Thank you for taking the time in this very sad day to let us know.  I know that different people crunch for different reasons, but it really shows love when people take up crunching for reasons like this.  I'm really sorry that you've lost your mother and step Dad to cancer now 

I wish your step Mother the best of luck in her battle against cancer in the future


----------



## hat (Oct 15, 2012)

Hm, a little motivation to install the GTX260 in the second machine you say? Very well.


----------



## BarbaricSoul (Oct 15, 2012)

Really sorry Mindweaver. I lost my Grandfather to Alzphimers about 1 1/2 years ago after personally staying with him and taking care of him the last two years, so I know how it feels. Just know he is in a better place and there's no more pain for him.


----------



## da_vid (Oct 15, 2012)

Sorry to hear this my Prayers are with you and your family.


----------



## hat (Oct 15, 2012)

After a quick cleanup (this case just doesn't get dusty like my other one, I don't understand it) the GTX260 is in. Now I'm working on uninstalling the drivers from the x800 that was in there and getting the Nvidia drivers in.

GTX260 up and running, looks like it already found a GPU unit to work on.


----------



## AlienIsGOD (Oct 15, 2012)

My thoughts and prayers go out to you Mindweaver


----------



## Kreij (Oct 15, 2012)

My condolences and prayers are with you and your family, MW. God bless you all.
If you ever need anything, you know where to find me.


----------



## DannibusX (Oct 15, 2012)

Sorry to hear about your loss Mindweaver.  Much love to you and your family.


----------



## stinger608 (Oct 16, 2012)

Damn it MW!!!!!!! I am very sad that this happened however as most have already stated; he is no longer suffering from the pain and anguish that engulfed his life! 

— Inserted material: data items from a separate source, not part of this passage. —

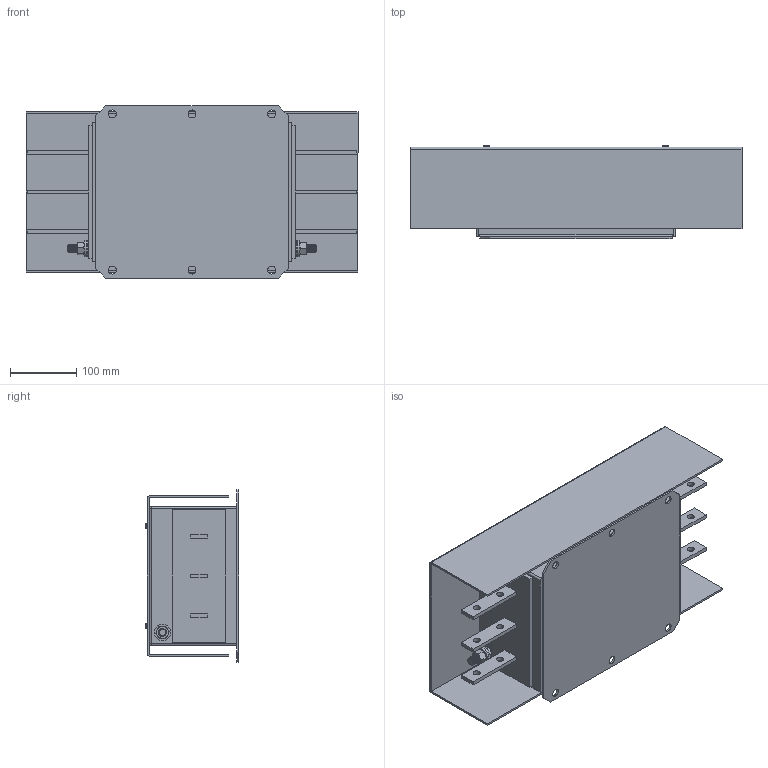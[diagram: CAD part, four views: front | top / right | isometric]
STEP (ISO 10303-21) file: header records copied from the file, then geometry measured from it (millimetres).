
FILE_DESCRIPTION (( 'STEP AP203' ), '1' );
FILE_NAME ('NF-600-STIE.STEP', '2015-01-20T10:08:54', ( 'Owner' ), ( 'EPA' ), 'SwSTEP 2.0', 'SolidWorks 2007', '' );
FILE_SCHEMA (( 'CONFIG_CONTROL_DESIGN' ));
Length unit declared in the file: millimetre
Products named in the file (8): M12x30 Earth post; NF-600-STIE; Pan Cross Head_AM_B18.6.7M - M4 x 0.7 x 8 Type I Cross Recessed PHMS --8N; Formed Hex Screw_AM_B18.2.3.2M - Formed hex screw, M12 x 1.75 x 30 --30CS; Flat Washer Narrow_AM_B18.22M - Plain washer, 12 mm, narrow; Hex Nut Style 1_AM_B18.2.4.1M - Hex nut, Style 1,  M12 x 1.75 --D-N; High current protection cover 300-600
Assembly tree (12 placements, depth 3):
  NF-600-STIE
    M12x30 Earth post  x2
      Hex Nut Style 1_AM_B18.2.4.1M - Hex nut, Style 1,  M12 x 1.75 --D-N
      Flat Washer Narrow_AM_B18.22M - Plain washer, 12 mm, narrow
      Formed Hex Screw_AM_B18.2.3.2M - Formed hex screw, M12 x 1.75 x 30 --30CS
    Pan Cross Head_AM_B18.6.7M - M4 x 0.7 x 8 Type I Cross Recessed PHMS --8N  x4
    NF-600-STIE
    High current protection cover 300-600
Bounding box: 500 x 141.07 x 260 mm (x, y, z)
Volume: 9509540.8 mm3; surface area: 840232 mm2
Topology: 14 solids, 14 shells, 574 faces, 1398 edges, 868 vertices
Faces by surface type: cone 196, cylinder 182, plane 176, sphere 12, torus 8
Entity records: 11130 total; most frequent: CARTESIAN_POINT 1959, DIRECTION 1844, ORIENTED_EDGE 1636, EDGE_CURVE 818, AXIS2_PLACEMENT_3D 729, VERTEX_POINT 516, EDGE_LOOP 394, VECTOR 386

God bless him and God speed!!!!!!!! 

These types of tragedies make me realize more than ever why we crunch. Hopefully we will be a small help in curing this terrible illness. 

Keep your chin up my friend and crunch on!

Dano


----------



## eidairaman1 (Oct 16, 2012)

Crunching/Folding is the best way to remember your Step Father, youre doing this in his memory now. So Kick some ass at it. The More Crunching/FOlding done the closer we get to better treatments for major diseases


----------



## Mindweaver (Oct 16, 2012)

Thanks guys again! Oh and guys I flipped the switch to run GPU's yesterday... and I've been working my ass off getting everything back up... hehehe It flipped breakers, and UPS's.. I had one of my athlon II x4's system files to get corrupted, but nothing a check disk didn't fix. As of now all of my crunchers are crunching strong and everything is holding. 

This has also helped to take things off my mind. I'm just staying strong for my family and I couldn't do it with out the help of my wife, family and friends and of course my TPU team! 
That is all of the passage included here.